Any of the scenarios for addressing carbon emissions examined by the company would be “relatively modest” in impact on the PG&E utility, he said. Utilities that would be hardest hit would be those that rely heavily on coal-fired generation, he said.

He said there is still “a bit of a debate” on whether there should be an auction, and if so, when in the sequence of events. Some people advocate allocating allowances initially and starting a cap-and-trade system later. “One could see as a compromise [developing] an initial allocation and then an auction,” said Darbee. “One way to pay those [stimulus package-related budget deficits] down, would be from the dollars resulting from an auction.”

In response to a question about the “sustainability” of the ongoing energy tax and investment credits, Darbee said he thinks Congress and the administration see the advantages of having a longer duration for the credits, such as what happened to solar last year, but the historical indicators are that Congressional members prefer short-term credits for political reasons.

PG&E managed to avoid being added to the recession’s casualty list as proceeds from a multi-year tax settlement pushed 4Q2008 consolidated net income to $517 million, or $1.37/share, which is more than double the $203 million, or 56 cents/share, in the same quarter of 2007.

On a non-generally accepted accounting principles (GAAP) earnings from operations basis, which excludes the tax settlement, PG&E’s 4Q2008 net income was 70 cents/share, compared with 56 cents/share in 4Q2007.

The company reported that net income for the year and quarter were increased substantially by the benefits of a multi-year tax settlement, the proceeds of which will help fund utility capital investments by the utility subsidiary.

PG&E’s consolidated net income for full-year 2008 was $1.34 billion, or $3.63/share, compared with $1 billion, or $2.78/share, in 2007. Per-share earnings on a GAAP basis in 2008 include income from a settlement of 2001-2004 tax audits, totaling $257 million, or 68 cents/share.

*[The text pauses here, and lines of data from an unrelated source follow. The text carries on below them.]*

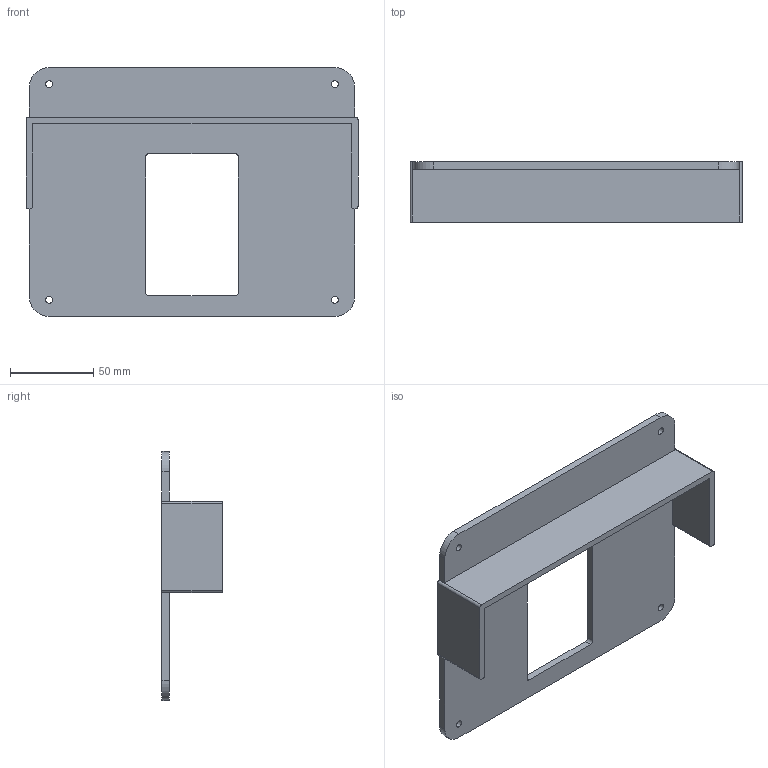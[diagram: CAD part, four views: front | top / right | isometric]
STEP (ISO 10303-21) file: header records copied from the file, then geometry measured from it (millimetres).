
FILE_DESCRIPTION(('FreeCAD Model'),'2;1');
FILE_NAME('Open CASCADE Shape Model','2026-10-14T02:28:29',('FreeCAD'),( 'FreeCAD'),'Open CASCADE STEP processor 7.8','FreeCAD','Unknown');
FILE_SCHEMA(('AUTOMOTIVE_DESIGN { 1 0 10303 214 1 1 1 1 }'));
Length unit declared in the file: millimetre
Products named in the file (1): Open CASCADE STEP translator 7.8 11
Bounding box: 200 x 36.2 x 150 mm (x, y, z)
Volume: 146799.9 mm3; surface area: 73087.5 mm2
Topology: 1 solids, 1 shells, 40 faces, 114 edges, 76 vertices
Faces by surface type: plane 22, cylinder 18
Full cylindrical faces by diameter (mm): 4.2 x4
Entity records: 1344 total; most frequent: DIRECTION 232, CARTESIAN_POINT 231, ORIENTED_EDGE 228, EDGE_CURVE 114, LINE 78, VECTOR 78, AXIS2_PLACEMENT_3D 77, VERTEX_POINT 76

On a non-GAAP earnings from operations basis, which excludes the benefits of the tax settlement, PG&E’s results in 2008 were $2.95/share, compared with $2.78/share in 2007.

The company attributed its year-over-year increase in earnings to earnings from higher authorized capital investments in utility infrastructure and energy efficiency incentive revenues, partially offset by higher expenses due to storm-related outages, natural gas system maintenance activities and an extended outage to replace the steam generators at one unit of the Diablo Canyon nuclear plant.

For 2009 the company reaffirmed its guidance of $3.15-3.25/share.